1997 single by Björk

"Bachelorette" is a song recorded by Icelandic singer, songwriter, and actress Björk for her third studio album, Homogenic (1997). (Note: Homogenic is officially considered to be Björk's third solo album, although technically it can be viewed as fourth if to count her 1977 juvenilia work, or fifth, counting in her 1990 jazz output Gling-Gló.) Released as its second single on 1 December 1997, the song was originally written for Stealing Beauty, a film by Bernardo Bertolucci, but the project was withdrawn. The lyrics for "Bachelorette" were written by Sjón, a friend and collaborator of the singer. The song's accompanying music video was noted for its surrealistic art direction, leading to a win at the 1998 MTV Video Music Awards.

==Music and lyrics==
Björk wrote about the writing process of "Bachelorette" on her website:
Because I wanted the lyrics to be so epic, I got my friend Sjón – who's a poet in Iceland – to write them. We sat together at the kitchen table and drank a lot of red wine and I told him the whole story for hours and days and he wrote the words from that story.

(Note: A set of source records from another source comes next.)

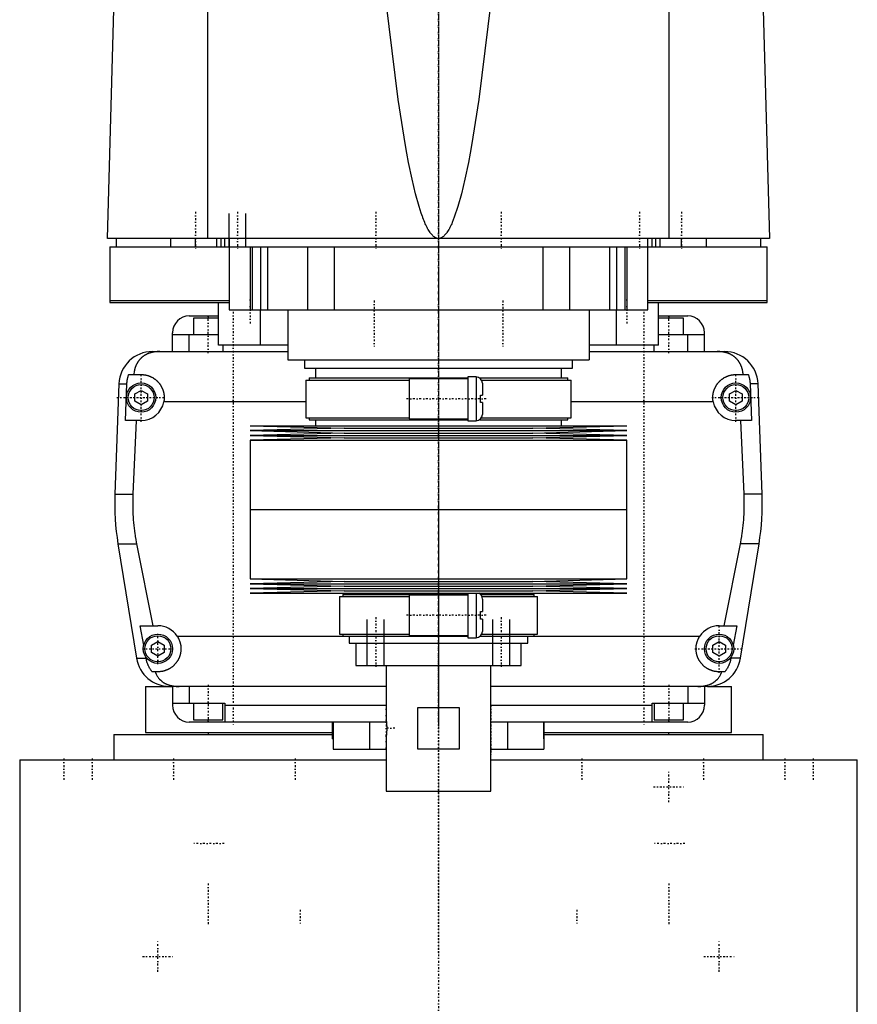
# Model space of a CAD drawing. Extents: x -120 to 120, y -1 to 1168.
# Tile 2 of 4: x -100 to 100, y 305 to 540. Entities that reach past the tile are written whole.
import ezdxf

# ---------------------------------------------------------------- set-up
doc = ezdxf.new("R2010")
doc.units = 0
doc.linetypes.add('CENTER', pattern=[1.5, 0.45, -0.5, 0.05, -0.5])
for name, color, linetype in [('AM_0', 7, 'CONTINUOUS'), ('AM_10', 7, 'CONTINUOUS'), ('AM_7', 7, 'CENTER')]:
    doc.layers.add(name, color=color, linetype=linetype)

msp = doc.modelspace()

# ---------------------------------------------------------------- linework, layer by layer
at = {"layer": 'AM_0', "color": 7, "linetype": 'CONTINUOUS'}
for p, q in [((-55.06, 487.5), (-55.06, 569.6)), ((55.06, 487.5), (55.06, 569.6)), ((-79, 487.5), (-76.83, 568.63)), ((76.83, 568.63), (79, 487.5)), ((79, 487.5), (-79, 487.5)), ((-77, 487.5), (-77, 485.5)), ((-64, 487.5), (-64, 485.5)), ((-58, 485.5), (-58, 487.5)), ((-52.9, 485.5), (-52.9, 487.5)), ((-51.9, 485.5), (-51.9, 487.5)), ((-51, 485.5), (-51, 487.5)), ((-50, 487.5), (-50, 470.5)), ((50, 470.5), (50, 487.5)), ((51, 485.5), (51, 487.5)), ((51.9, 485.5), (51.9, 487.5)), ((52.9, 485.5), (52.9, 487.5)), ((58, 485.5), (58, 487.5)), ((64, 485.5), (64, 487.5)), ((77, 485.5), (77, 487.5)), ((-78.5, 485.5), (78.5, 485.5)), ((-78.5, 485.5), (-78.5, 472.2)), ((-45, 485.5), (-45, 470.5)), ((-44.5, 485.5), (-44.5, 470.5)), ((-42.5, 485.5), (-42.5, 470.5)), ((-40.83, 485.5), (-40.83, 470.5)), ((-31.31, 485.5), (-31.31, 470.5)), ((-24.92, 485.5), (-24.92, 470.5)), ((24.92, 485.5), (24.92, 470.5)), ((31.31, 485.5), (31.31, 470.5)), ((40.83, 485.5), (40.83, 470.5)), ((42.5, 485.5), (42.5, 470.5)), ((44.5, 485.5), (44.5, 470.5)), ((45, 485.5), (45, 470.5)), ((78.5, 472.2), (78.5, 485.5)), ((-78.5, 472.7), (-50.02, 472.7)), ((-78.5, 472.2), (-50.02, 472.2)), ((-52.5, 462), (-52.5, 472.2)), ((-50, 470.5), (50, 470.5)), ((-42.5, 462), (-42.5, 470.5)), ((-36, 470.5), (-36, 458.5)), ((36, 470.5), (36, 458.5)), ((42.5, 462), (42.5, 470.5)), ((50.02, 472.7), (78.5, 472.7)), ((50.02, 472.2), (78.5, 472.2)), ((52.5, 462), (52.5, 472.2)), ((-59.5, 469), (-52.5, 469)), ((-58.5, 468.5), (-58.5, 464.5)), ((-52.5, 468.5), (-58.5, 468.5)), ((-55, 469), (-55, 468.5)), ((52.5, 469), (59.5, 469)), ((58.5, 468.5), (52.5, 468.5)), ((55, 469), (55, 468.5)), ((58.5, 464.5), (58.5, 468.5)), ((-63.5, 460.5), (-63.5, 465)), ((-52.5, 464.5), (-63.5, 464.5)), ((-59.5, 460.5), (-59.5, 464.5)), ((63.5, 464.5), (52.5, 464.5)), ((59.5, 460.5), (59.5, 464.5)), ((63.5, 460.5), (63.5, 465)), ((-36, 462), (-52.5, 462)), ((-51.5, 462), (-51.5, 460.5)), ((52.5, 462), (36, 462)), ((51.5, 460.5), (51.5, 462)), ((-68.3, 460.5), (-36, 460.5)), ((36, 460.5), (68.3, 460.5)), ((-36, 458.5), (36, 458.5)), ((-32, 458.5), (-32, 456.5)), ((-32, 456.5), (32, 456.5)), ((-29.35, 456.5), (-29.35, 454.2)), ((29.35, 454.2), (29.35, 456.5)), ((32, 456.5), (32, 458.5)), ((-73.97, 455), (-71, 455)), ((-30.85, 454.2), (-30.85, 453.7)), ((-30.85, 454.2), (7, 454.2)), ((7, 454), (-7, 454)), ((-7, 454), (-7, 444.4)), ((9, 454.45), (7, 454.45)), ((7, 454.45), (7, 443.95)), ((9, 454.45), (9, 443.95)), ((9.83, 454.2), (30.85, 454.2)), ((30.85, 453.7), (30.85, 454.2)), ((71, 455), (73.97, 455)), ((-76.29, 452.8), (-77.28, 426.46)), ((-76.29, 452.8), (-74.4, 452.8)), ((-74.75, 444), (-74.4, 452.8)), ((-31.65, 453.7), (-31.65, 444.7)), ((-31.65, 453.7), (-7, 453.7)), ((10.3, 453.7), (31.65, 453.7)), ((10.5, 452.95), (10.5, 450.1)), ((31.65, 444.7), (31.65, 453.7)), ((76.29, 452.8), (74.4, 452.8)), ((74.4, 452.8), (74.75, 444)), ((77.28, 426.46), (76.29, 452.8)), ((-72.5, 450.37), (-71, 451.23)), ((-72.5, 448.63), (-72.5, 450.37)), ((-71, 451.23), (-69.5, 450.37)), ((-69.5, 450.37), (-69.5, 448.63)), ((10, 448.3), (10, 450.1)), ((10, 450.1), (10.5, 450.1)), ((69.5, 450.37), (71, 451.23)), ((69.5, 448.63), (69.5, 450.37)), ((71, 451.23), (72.5, 450.37)), ((72.5, 450.37), (72.5, 448.63)), ((-71, 447.77), (-72.5, 448.63)), ((-69.5, 448.63), (-71, 447.77)), ((-31.65, 448.5), (-65.59, 448.5)), ((10.5, 448.3), (10, 448.3)), ((10.5, 448.3), (10.5, 445.45)), ((65.59, 448.5), (31.65, 448.5)), ((71, 447.77), (69.5, 448.63)), ((72.5, 448.63), (71, 447.77)), ((-31.65, 444.7), (-7, 444.7)), ((-30.85, 444.7), (-30.85, 444.2)), ((10.3, 444.7), (31.65, 444.7)), ((30.85, 444.2), (30.85, 444.7)), ((-71, 444), (-74.75, 444)), ((-72.2, 444), (-72.97, 426.46)), ((-45, 442.75), (-22.5, 442.18)), ((-45, 442.75), (45, 442.75)), ((-30.85, 444.2), (7, 444.2)), ((-29.35, 444.2), (-29.35, 442.75)), ((-7, 444.4), (7, 444.4)), ((7, 443.95), (9, 443.95)), ((9.83, 444.2), (30.85, 444.2)), ((22.5, 442.18), (45, 442.75)), ((29.35, 442.75), (29.35, 444.2)), ((74.75, 444), (71, 444)), ((72.97, 426.46), (72.2, 444)), ((-22.5, 442.18), (-45, 441.61)), ((-45, 441.61), (-22.5, 441.04)), ((-45, 441.61), (45, 441.61)), ((-22.5, 441.04), (-45, 440.47)), ((-45, 440.47), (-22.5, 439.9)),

"Bachelorette" is emotionally charged and theatrical, following Homogenics theme of "beats and strings", but also includes instruments such as timbales, timpani, Alp horn and accordion, among others, which helped make the song stronger and more dramatic. Björk described the song's lyrical theme as "Isobel goes to the city".

==Critical reception==
NME made the song Single of the Week, saying that it was "the most drop-dead classy thing the queen of gonk-pop" has ever done.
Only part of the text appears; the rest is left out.